# DCC instal tip for easy troubleshooting........



## Peter Herron (Jun 30, 2015)

I recently installed DCC sound in an O scale NWSL 2-8-2T "Minaret" * which I had previously made modifications to the driveline as well as doing a complete paint job. As I was doing the mods and paint I frequently checked the running characteristics by connecting leads to the motor with DC. When I do any DCC install I always put plugs on the motor and track power leads alternating male and female plugs. This way if I have any issues such as a short, I can unplug the decoder and convert the motor back to DC by plugging the red/black power pickup wires to the orange/grey motor lead wires. This way I can find shorts in the chassis/motor/pickups/brake shoes etc. without putting the decoder at risk. This particular unit ran fine on the rollers but developed a short running on the layout on curves. Once I have the decoder out of the circuit I can safely play with it until I find the short. (most likely a brake shoe issue)

DCC









PLUGS









DC









This system works in any scale, diesels as well.

Peter

*While everyone calls the popular 2-8-2T by Alco a Minaret, the only "true" Minaret was the lone 2-10-2T built in 1927 for the Sugar Pine Lumber Co and actually called a Minaret by Alco.


----------



## Cycleops (Dec 6, 2014)

Good idea Peter, I guess you would need to find the smallest possible plugs for HO.

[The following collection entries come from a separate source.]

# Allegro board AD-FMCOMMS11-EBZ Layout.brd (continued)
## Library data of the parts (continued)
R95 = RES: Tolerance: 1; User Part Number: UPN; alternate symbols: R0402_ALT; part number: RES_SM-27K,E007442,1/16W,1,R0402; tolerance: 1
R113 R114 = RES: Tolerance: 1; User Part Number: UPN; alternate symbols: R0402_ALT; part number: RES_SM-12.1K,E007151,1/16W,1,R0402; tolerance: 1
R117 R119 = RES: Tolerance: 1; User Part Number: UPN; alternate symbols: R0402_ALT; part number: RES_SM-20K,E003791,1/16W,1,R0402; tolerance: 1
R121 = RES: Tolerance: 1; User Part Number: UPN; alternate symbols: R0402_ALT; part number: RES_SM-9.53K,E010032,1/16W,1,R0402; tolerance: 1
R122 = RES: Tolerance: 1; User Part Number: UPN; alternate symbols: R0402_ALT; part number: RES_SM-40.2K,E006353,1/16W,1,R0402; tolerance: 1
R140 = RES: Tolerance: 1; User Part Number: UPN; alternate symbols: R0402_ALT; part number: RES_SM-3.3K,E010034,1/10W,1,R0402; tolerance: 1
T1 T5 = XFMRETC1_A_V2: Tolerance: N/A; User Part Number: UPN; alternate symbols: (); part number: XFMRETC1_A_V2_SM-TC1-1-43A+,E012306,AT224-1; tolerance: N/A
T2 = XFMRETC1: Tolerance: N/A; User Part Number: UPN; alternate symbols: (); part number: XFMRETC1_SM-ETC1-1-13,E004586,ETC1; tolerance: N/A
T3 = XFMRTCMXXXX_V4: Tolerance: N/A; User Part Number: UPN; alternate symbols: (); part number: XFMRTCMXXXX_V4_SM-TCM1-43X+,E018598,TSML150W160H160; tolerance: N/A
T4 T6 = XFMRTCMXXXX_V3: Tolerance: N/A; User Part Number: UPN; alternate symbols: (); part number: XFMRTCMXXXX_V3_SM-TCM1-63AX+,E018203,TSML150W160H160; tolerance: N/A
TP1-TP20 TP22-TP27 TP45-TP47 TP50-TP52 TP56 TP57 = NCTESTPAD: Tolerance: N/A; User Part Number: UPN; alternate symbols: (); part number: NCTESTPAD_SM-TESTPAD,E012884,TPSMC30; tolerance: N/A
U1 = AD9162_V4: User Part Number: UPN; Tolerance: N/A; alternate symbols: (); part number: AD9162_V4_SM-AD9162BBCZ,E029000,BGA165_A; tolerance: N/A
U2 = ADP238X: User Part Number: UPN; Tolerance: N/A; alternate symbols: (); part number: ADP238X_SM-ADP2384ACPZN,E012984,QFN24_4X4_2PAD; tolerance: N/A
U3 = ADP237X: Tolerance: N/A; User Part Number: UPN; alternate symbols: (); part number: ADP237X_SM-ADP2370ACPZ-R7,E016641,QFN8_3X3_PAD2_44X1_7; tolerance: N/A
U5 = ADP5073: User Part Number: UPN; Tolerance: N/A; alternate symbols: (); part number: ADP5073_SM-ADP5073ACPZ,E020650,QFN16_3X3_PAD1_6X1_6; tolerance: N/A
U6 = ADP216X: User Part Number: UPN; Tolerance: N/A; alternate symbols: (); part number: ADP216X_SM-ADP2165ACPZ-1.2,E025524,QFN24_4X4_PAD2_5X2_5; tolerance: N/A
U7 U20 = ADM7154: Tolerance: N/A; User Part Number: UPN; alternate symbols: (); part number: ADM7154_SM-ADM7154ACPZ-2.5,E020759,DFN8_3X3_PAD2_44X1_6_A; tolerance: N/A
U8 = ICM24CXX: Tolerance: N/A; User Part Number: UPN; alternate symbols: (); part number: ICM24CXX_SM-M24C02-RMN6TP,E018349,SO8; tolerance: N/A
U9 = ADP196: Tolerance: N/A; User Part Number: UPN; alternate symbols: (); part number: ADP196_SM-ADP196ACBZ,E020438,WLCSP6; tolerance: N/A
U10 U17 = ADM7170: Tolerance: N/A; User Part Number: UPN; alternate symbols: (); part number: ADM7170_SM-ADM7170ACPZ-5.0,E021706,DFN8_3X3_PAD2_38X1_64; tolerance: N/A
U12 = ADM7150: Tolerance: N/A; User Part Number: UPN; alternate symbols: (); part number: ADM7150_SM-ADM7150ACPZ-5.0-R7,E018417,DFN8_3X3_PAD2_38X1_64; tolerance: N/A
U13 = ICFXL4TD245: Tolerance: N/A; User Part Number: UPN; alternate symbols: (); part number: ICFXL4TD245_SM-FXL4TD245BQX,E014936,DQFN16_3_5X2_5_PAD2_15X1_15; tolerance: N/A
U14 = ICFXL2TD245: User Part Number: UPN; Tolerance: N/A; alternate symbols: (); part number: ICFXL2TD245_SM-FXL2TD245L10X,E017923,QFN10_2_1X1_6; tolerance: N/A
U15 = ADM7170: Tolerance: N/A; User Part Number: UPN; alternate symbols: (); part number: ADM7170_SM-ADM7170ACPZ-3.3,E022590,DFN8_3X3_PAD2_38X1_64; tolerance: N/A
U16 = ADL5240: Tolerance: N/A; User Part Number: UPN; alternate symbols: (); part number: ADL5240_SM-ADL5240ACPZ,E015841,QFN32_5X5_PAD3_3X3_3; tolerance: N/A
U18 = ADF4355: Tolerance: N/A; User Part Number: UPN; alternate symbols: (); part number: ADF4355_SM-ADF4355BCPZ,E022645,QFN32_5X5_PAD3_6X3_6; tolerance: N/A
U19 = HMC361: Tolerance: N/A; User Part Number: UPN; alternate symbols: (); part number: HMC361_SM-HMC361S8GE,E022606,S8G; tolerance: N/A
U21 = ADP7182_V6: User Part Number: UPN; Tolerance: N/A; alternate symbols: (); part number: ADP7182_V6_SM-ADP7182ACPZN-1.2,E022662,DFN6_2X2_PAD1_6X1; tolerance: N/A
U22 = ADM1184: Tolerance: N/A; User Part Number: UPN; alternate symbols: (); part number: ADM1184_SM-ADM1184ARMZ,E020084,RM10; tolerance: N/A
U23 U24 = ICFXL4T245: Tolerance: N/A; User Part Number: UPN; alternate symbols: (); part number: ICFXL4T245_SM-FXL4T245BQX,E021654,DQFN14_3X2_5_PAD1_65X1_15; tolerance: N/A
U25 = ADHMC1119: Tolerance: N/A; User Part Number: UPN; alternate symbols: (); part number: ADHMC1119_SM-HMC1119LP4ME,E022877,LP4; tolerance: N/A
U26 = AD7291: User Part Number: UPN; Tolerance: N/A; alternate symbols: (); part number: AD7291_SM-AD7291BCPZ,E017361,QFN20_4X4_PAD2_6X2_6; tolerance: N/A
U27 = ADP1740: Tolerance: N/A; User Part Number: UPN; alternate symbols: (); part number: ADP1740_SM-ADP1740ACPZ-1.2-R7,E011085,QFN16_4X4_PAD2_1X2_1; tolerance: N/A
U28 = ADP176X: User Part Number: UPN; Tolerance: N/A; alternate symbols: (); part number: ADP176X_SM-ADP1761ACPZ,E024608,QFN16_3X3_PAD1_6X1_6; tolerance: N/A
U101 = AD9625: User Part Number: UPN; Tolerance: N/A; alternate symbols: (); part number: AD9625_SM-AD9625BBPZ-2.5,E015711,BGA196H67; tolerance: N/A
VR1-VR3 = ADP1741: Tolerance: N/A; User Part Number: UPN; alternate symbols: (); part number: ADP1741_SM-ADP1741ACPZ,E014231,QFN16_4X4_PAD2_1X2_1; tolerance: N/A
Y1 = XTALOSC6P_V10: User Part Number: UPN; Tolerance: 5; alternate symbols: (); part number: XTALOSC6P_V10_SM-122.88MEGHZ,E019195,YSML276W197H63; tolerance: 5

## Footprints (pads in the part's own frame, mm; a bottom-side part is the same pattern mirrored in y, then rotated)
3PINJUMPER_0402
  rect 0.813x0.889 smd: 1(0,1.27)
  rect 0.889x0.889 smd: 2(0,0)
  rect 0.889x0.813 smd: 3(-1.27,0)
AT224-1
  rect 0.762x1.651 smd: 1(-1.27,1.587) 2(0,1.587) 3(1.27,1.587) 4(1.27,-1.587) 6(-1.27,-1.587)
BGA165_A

Thanks for the Alco tutorial. And I thought minarets were things you saw over Mosques!


----------



## Peter Herron (Jun 30, 2015)

Cyclops, you are funny!! Actually these locomotives were named and misnamed by railfans after the Minaret Mountains.................

https://en.wikipedia.org/wiki/Minarets_(California)

I make my own plugs using Digikey parts and heat shrink tubing. These are pretty small but they do make smaller. I can get you the part number if you need it.

Peter


----------



## tkruger (Jan 18, 2009)

I do a similar thing in HO. For all of my locomotives I have installed an 9 pin DCC plug. This allows me to do a few things for trouble shooting. 1. I keep a spare NCE decoder set to factory defaults that I can plug in and verify if it is a decoder issue. This decoder is one with a high stall amp rating so it works with all my locomotives. The other item I have is a DC jumper board from a Walther Proto locomotive that I bought. I have found that placing this into any 9 pin socket will allow the locomotive to run on DC to verify that there is not a mechanical issue.

The jumper board is basically the same idea as the original poster's one, just works for me in HO where there is even less space.


----------



## Peter Herron (Jun 30, 2015)

*Anything that allows you to...............*

...............disconnect that 100 dollar decoder from harms way and revert to DC is a good thing. The goal is to to be able to do this w/o cutting wires or removing a hard wired decoder from the locomotive. Thanks for contributing, Tkruger. I'm not very familiar with all the newest plug in abilities in HO as I have all my decoders in O scale Brass engines. When I see how simple some of those look in videos and articles I cry!!

Peter


----------



## tkruger (Jan 18, 2009)

Peter Herron said:


> ...............disconnect that 100 dollar decoder from harms way and revert to DC is a good thing. The goal is to to be able to do this w/o cutting wires or removing a hard wired decoder from the locomotive. Thanks for contributing, Tkruger. I'm not very familiar with all the newest plug in abilities in HO as I have all my decoders in O scale Brass engines. When I see how simple some of those look in videos and articles I cry!!
> 
> Peter


Within the last year and a half I started converting to DCC. Luckilly anything I converted I did in a uniform system to minimize parts. Anything I purchase new I try to get to use the maintenance system I have or convert it to use the same plugs. I am a true believer in streamlining maintenance activities.


----------